Based on what he referred to as the success of the Minority Advisory Council since its re-introduction last February, University President Richard Levin recently expanded the group to include three new council members.
After soliciting recommendations from the Yale College Council and the Graduate and Professional Student Senate, Levin and MAC Chairman Drew Days — who is a professor at the Law School — appointed Michael Smith ’06, Neema Trivedi ’05 and Dora Cudjoe GRD ’05 to the committee.
The students will join the current group, which consists of three undergraduate students and two professional school students, and will probably serve for about one year, Days said. The MAC meets regularly to discuss — and attempt to ensure — the welfare of minority groups at Yale. Members also advise Levin on relevant policies.
Days said two of the three new appointees attended last week’s MAC meeting. The meeting provided a chance for the new members to become assimilated with the other council members, he said.

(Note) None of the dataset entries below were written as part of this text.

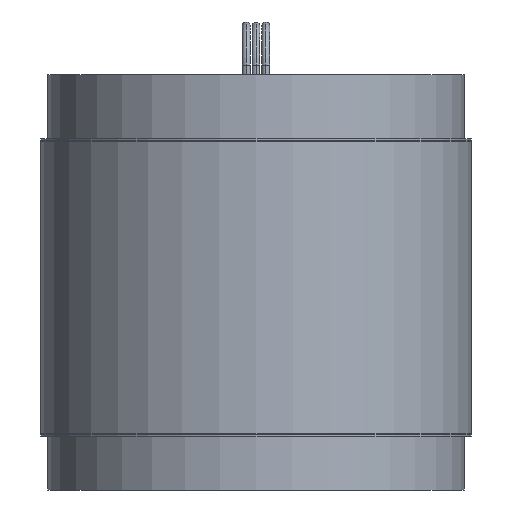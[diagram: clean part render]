
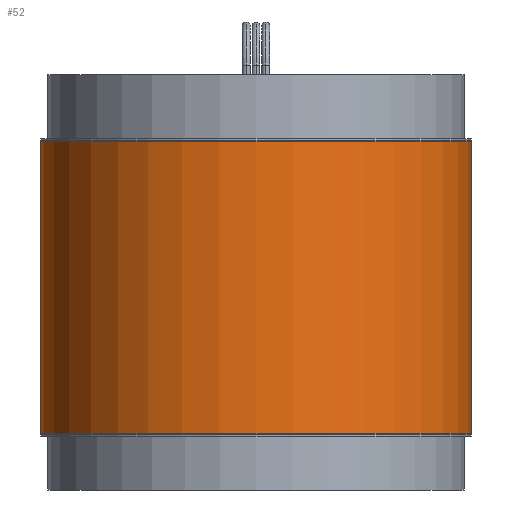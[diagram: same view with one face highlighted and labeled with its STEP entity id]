
A CAD part, front view. The second image highlights one B-rep face of the part: STEP entity #52.
In plain terms, the highlighted cylindrical face has radius 55.88 mm (diameter 111.76 mm), a partial arc.
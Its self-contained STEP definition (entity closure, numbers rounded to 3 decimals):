
#27 = AXIS2_PLACEMENT_3D ( 'NONE', #29, #1547, #2154 ) ;
#29 = CARTESIAN_POINT ( 'NONE',  ( 0., 0., 37.922 ) ) ;
#52 = ADVANCED_FACE ( 'NONE', ( #610 ), #2303, .T. ) ;
#58 = DIRECTION ( 'NONE',  ( 1., 0., 0. ) ) ;
#108 = CARTESIAN_POINT ( 'NONE',  ( -55.88, 0., -38.608 ) ) ;
#119 = CIRCLE ( 'NONE', #27, 55.88 ) ;
#169 = AXIS2_PLACEMENT_3D ( 'NONE', #2376, #1187, #221 ) ;
#197 = CARTESIAN_POINT ( 'NONE',  ( -55.88, 0., -37.922 ) ) ;
#221 = DIRECTION ( 'NONE',  ( 1., 0., 0. ) ) ;
#234 = VECTOR ( 'NONE', #1659, 1000. ) ;
#261 = VERTEX_POINT ( 'NONE', #669 ) ;
#267 = AXIS2_PLACEMENT_3D ( 'NONE', #1421, #2000, #58 ) ;
#557 = EDGE_LOOP ( 'NONE', ( #665, #1656, #2348, #1610 ) ) ;
#610 = FACE_OUTER_BOUND ( 'NONE', #557, .T. ) ;
#665 = ORIENTED_EDGE ( 'NONE', *, *, #2454, .F. ) ;
#669 = CARTESIAN_POINT ( 'NONE',  ( -55.88, 0., 37.922 ) ) ;
#691 = EDGE_CURVE ( 'NONE', #261, #810, #119, .T. ) ;
#810 = VERTEX_POINT ( 'NONE', #2200 ) ;
#822 = VECTOR ( 'NONE', #1500, 1000. ) ;
#967 = EDGE_CURVE ( 'NONE', #2066, #1466, #2108, .T. ) ;
#1187 = DIRECTION ( 'NONE',  ( 0., 0., 1. ) ) ;
#1334 = LINE ( 'NONE', #2288, #822 ) ;
#1421 = CARTESIAN_POINT ( 'NONE',  ( 0., 0., -38.608 ) ) ;
#1422 = LINE ( 'NONE', #108, #234 ) ;
#1466 = VERTEX_POINT ( 'NONE', #1782 ) ;
#1500 = DIRECTION ( 'NONE',  ( 0., 0., 1. ) ) ;
#1547 = DIRECTION ( 'NONE',  ( 0., 0., 1. ) ) ;
#1610 = ORIENTED_EDGE ( 'NONE', *, *, #691, .F. ) ;
#1656 = ORIENTED_EDGE ( 'NONE', *, *, #967, .T. ) ;
#1659 = DIRECTION ( 'NONE',  ( 0., 0., 1. ) ) ;
#1782 = CARTESIAN_POINT ( 'NONE',  ( 55.88, 0., -37.922 ) ) ;
#1954 = EDGE_CURVE ( 'NONE', #1466, #810, #1334, .T. ) ;
#2000 = DIRECTION ( 'NONE',  ( 0., 0., 1. ) ) ;
#2066 = VERTEX_POINT ( 'NONE', #197 ) ;
#2108 = CIRCLE ( 'NONE', #169, 55.88 ) ;
#2154 = DIRECTION ( 'NONE',  ( 1., 0., 0. ) ) ;
#2200 = CARTESIAN_POINT ( 'NONE',  ( 55.88, 0., 37.922 ) ) ;
#2288 = CARTESIAN_POINT ( 'NONE',  ( 55.88, 0., -38.608 ) ) ;
#2303 = CYLINDRICAL_SURFACE ( 'NONE', #267, 55.88 ) ;
#2348 = ORIENTED_EDGE ( 'NONE', *, *, #1954, .T. ) ;
#2376 = CARTESIAN_POINT ( 'NONE',  ( 0., 0., -37.922 ) ) ;
#2454 = EDGE_CURVE ( 'NONE', #2066, #261, #1422, .T. ) ;

“I think they’re going to be great additions,” Days said. “They got very actively engaged right off the bat. At the meeting, they sat and listened for a while and got a sense of what had been discussed at prior meetings and what the thoughts of the other members were, then they pitched in.”
Days said the additional pairs of “eyes and ears” will give the council a more panoramic view of minority viewpoints on campus.
Trivedi, who is the president of the South Asian Society and a board member of the Asian American Student Alliance, said she accepted the MAC’s invitation “immediately.” Trivedi said she appreciated the work of the MAC before she was appointed and is excited to work more closely with the group.
“They’re a really energetic group of people,” Trivedi said. “I think three undergraduate students was not nearly enough to represent all the opinions on campus. And I think the best way to go about improving a group like MAC is to get on it.”
Trivedi said she is not sure which specific issues she would like to address first, but she is eager to evaluate holistic concerns.
“I think it’s important not only to address formal processes and procedures but to work out ways to increase trust among groups — the administration, the student body, the Yale Police Department,” Trivedi said. “Students, professors and administrators need to feel that issues are being addressed. That’s the over-arching goal of MAC — to make sure there’s a level of comfort with the student body at both the undergraduate and the graduate level.”
Trivedi said she thinks it is important to make sure the council represents each ethnic group that has a large presence on campus, including South Asian and African-American students, because both have expressed concerns about minority issues at Yale.
Cudjoe, who serves on the Graduate and Professional Students Senate, said she was concerned about the challenge of the new position but still eager to join the council. She said the fact that there is a greater number of undergraduates than graduates on the council is not important because of the group’s unity of purpose.
“We may have different backgrounds and knowledge, but now we have one goal in common: to live up to the expectations of the minority groups on campus,” Cudjoe said. “I’m sure our differences will be dissipated when we come together as a group.”
Cudjoe said she is eager to address international students’ immigration problems. An international student from Ghana, Cudjoe said she is excited to bring concerns of the “outsider” student to the council for discussion.
“I am a minority leading a group of minorities,” she said. “I hope we can learn from and contribute to each other.”